Wildhood: Young Mi'kmaws on the Run Make For a Moving Road-Movie Experience

By Thom Ernst

Rating: A-minus

Which comes first? The road-movie or the coming-of-age story? Either way, in director Brennan Hannam's Wildhood - their sort-of-but-not-really debut feature (reportedly, a lesser film that Hannam hopes to bury is out there somewhere) - the film works. 

As a road movie, Hannam's film has a rightful place along the back routes of some of the cinemas' most impressive road pictures, trekking along the highways and dirt roads, on foot and in a car. 

There is a likeness to Powwow Highway (1988) in ways beyond the two films' Indigenous connections. In equal amounts, one can look to Monte Hellman's Two-Lane Blacktop (1971) or Dennis Hopper's Easy Rider (1969) as a way of examining a personal identity with home and just a little bit of perceived, although inaccurate, lawlessness.  

Phillip Lewitski, Avery Winters-Anthony and Joshua Odjick on a journey of self-discovery in Wildhood. Photo by Riley Smith, courtesy of Mongrel Media.

As a coming-of-age film, the movie has some of the same flavours as Transamerica (2005) but again, not solely based on that narrative's explorations of sexual awakenings.  

And it might be strained, but I think I could hammer out an argument that there is The Wizard of Oz (1939) in the picture, insomuch as it takes leaving home to find home, and that the past is a way of foraging towards the future.  

But Wildhood does not seem fixated on any pre-paved roadmap, even though there might be a few familiar stops along the way. The stakes here are relatively low beyond an initial call-to-journey. 

 Link (Phillip Lewitski) is a young man who leaves his abusive home searching for his Mi'kmaw heritage and a birth mother he's been told is dead. Link is the kind of misunderstood teen given to spurts of lawlessness as a reaction to neglect. He takes with him his younger half-brother, Travis (Avery Winters-Anthony). 

The boys flee one confrontation only to discover many more down the road. That's not to say the journey away from one towards another is futile or unnecessary. The fleeing is safer than the abuse they’d experienced at the hands of their father (another dark and bang-on performance from Joel Thomas Hynes). Truly his escape with his brother in tow is both necessary and brave.  

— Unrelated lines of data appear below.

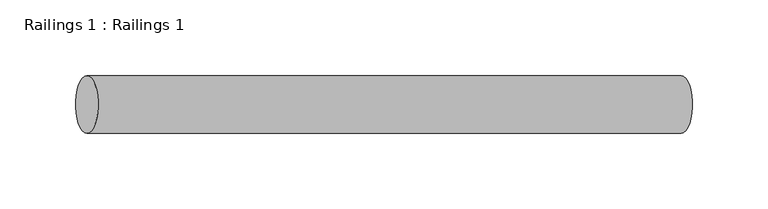
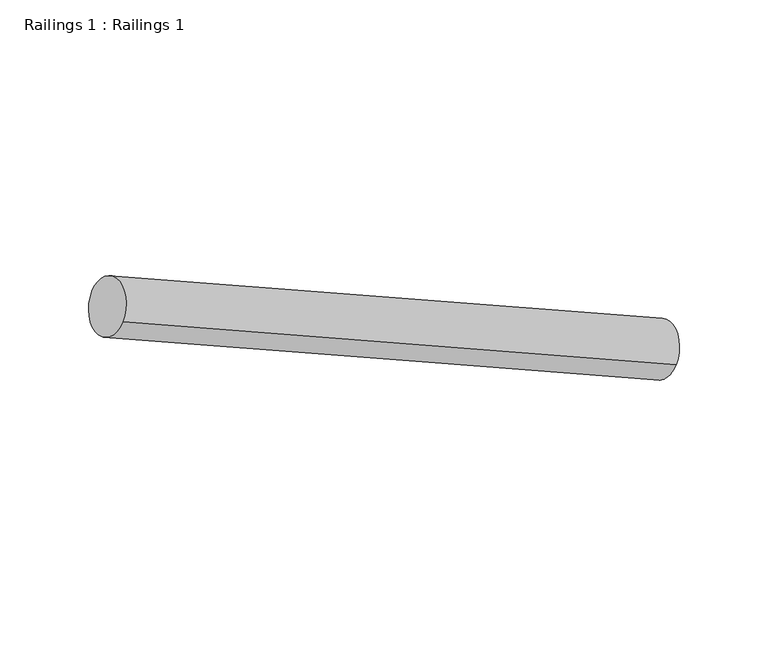
"""IFC4 building model written with IfcOpenShell, lengths in millimetres: railing geometry, Railings 1 : Railings 1."""

from ifc_helpers import new_model, si_unit, point, frame, frame_2d, origin, place, context, project, spatial, circle_curve, trimmed, segment, composite_curve, outline, extrude, source, transform, mapped, element, save


def railings_1_railings_1_71f28f68(model_context):
    return source(origin(), model_context, "Body", "SweptSolid", [
        extrude(outline(composite_curve([segment(trimmed(circle_curve(frame_2d((0.0, -19.05)), 19.05), [point((0.0, -38.1))], [point((0.0, 0.0))], False, "CARTESIAN"), True, "CONTINUOUS"), segment(trimmed(circle_curve(frame_2d((0.0, -19.05)), 19.05), [point((0.0, 0.0))], [point((0.0, -38.1))], False, "CARTESIAN"), True, "CONTINUOUS")], self_intersect=False)), frame((27413.4762341, 3829.6727004, 2323.0746661), z_axis=(-0.9180751215985248, 0.0, 0.39640644684698806), x_axis=(-0.39640644684698806, 0.0, -0.9180751215985248)), (0.0, 0.0, 1.0), 428.2410903),
    ])


if __name__ == "__main__":
    model = new_model("IFC4")
    model_context = context("Model", 3, world=origin())
    ifc_project = project(units=[si_unit("LENGTHUNIT", "METRE", prefix="MILLI")], contexts=[model_context])
    site = spatial("IfcSite", under=ifc_project)
    building = spatial("IfcBuilding", under=site)
    placement = place(None, origin())
    railings_1_railings_1_shape = railings_1_railings_1_71f28f68(model_context)
    element("IfcRailing", 1, ObjectType="Railings 1 : Railings 1", at=placement, inside=building, context=model_context, shape_type="MappedRepresentation", body=[
        mapped(railings_1_railings_1_shape, transform((0.0, 0.0, 0.0), x_axis=(1.0, 0.0, 0.0), y_axis=(0.0, 1.0, 0.0), z_axis=(0.0, 0.0, 1.0))),
    ])
    save(model, "model.ifc")

# Revit data of these elements
# Element 1 (IfcRailing, "Railings 1 : Railings 1")
#   Materials on its faces: "1 1/2\" DIA. HANDRAIL (1 1/2\" MIN. CLEAR FROM WALL)"
# Materials
#   "1 1/2\" DIA. HANDRAIL (1 1/2\" MIN. CLEAR FROM WALL)": class "Unassigned", colour RGB 199 199 199, transparency 0, Cost = 0

(A sidenote: Hynes is great, but as good as he is, perhaps it's time for him to consider appearing in a light musical comedy--plus the man can sing!) 

The stakes here are relatively low. There is no one fast on their heels and no spritely moments of comic mischief to set the banjos plucking as they make a hasty escape--something that even Arthur Penn's violent depiction of Bonnie & Clyde (1967) couldn't resist.  

The film continues along a road of revelations, both fleeting and consequential taking its characters on a journey of discovery, which involves the odd dichotomy of pressing forward to reach the past to further push forward.  

It would be easy to simply recount the stages and progressions of growing up, coming age, self-discovery, and sexual awakenings. Wildhood is all that, but it also dips into identity issues that run deeper than what is affected visual clues and by the preference of touch.

As Link, Lewitski grabs the screen with a James Dean brood and a Brad Pitt (circa Thelma and Louise) coy charm. No less engaging is Joshua Odjick as Pasmay, the young man who joins the brothers on their journey.

Lewitsky and Odjick are natural on camera. They enter the story on the strength of their relationships with ease and comfort; not an easy task for young actors with limited life experience, let alone acting experience. Their characters live in the realm of the moment; things happen and then don't. Occurrences either make them stronger or are eventually forgotten. 

Hannam themself, a two-spirited Mi'kmaw, is a talent in control of their work. The confidence they put to screen comes through in subsequent conversations with them outside of the movie. Hannam might argue differently, having known and managed the compromises that no one sees on this side of the screen. It's part of the gig to conceal the magic tricks of filmmaking. But what does get up on the screen, captured in the performances and in the frame of the director's eye, shows a formidable truth. 

It’s a truth not based on facts--whether the film has even minuscule personal truth, I don't know--but on the truth of character and of the world that Hannam creates, even when the film takes on a dreamlike caress. 

It’s not surprising that Wildhood is piling up awards and nominations. The film is nominated for Best Picture (among other nominations) at the upcoming Canadian Screen Awards (CSA). Lewitski is nominated for Best Actor, and Odjick has a Best Supporting Actor nomination. 

Hannam also recently earned recognition from the Toronto Film Critics Association with the Stella Artois Jay Scott Prize of $10,000, 

Wildhood is directed by Bretten Hannam and stars Phillip Lewitski, Joshua Odjick, Avery Winters-Anthony, Jordan Poole, Joel Thomas Hynes, and Michael Greyeyes. It opens in select theatres on March 10.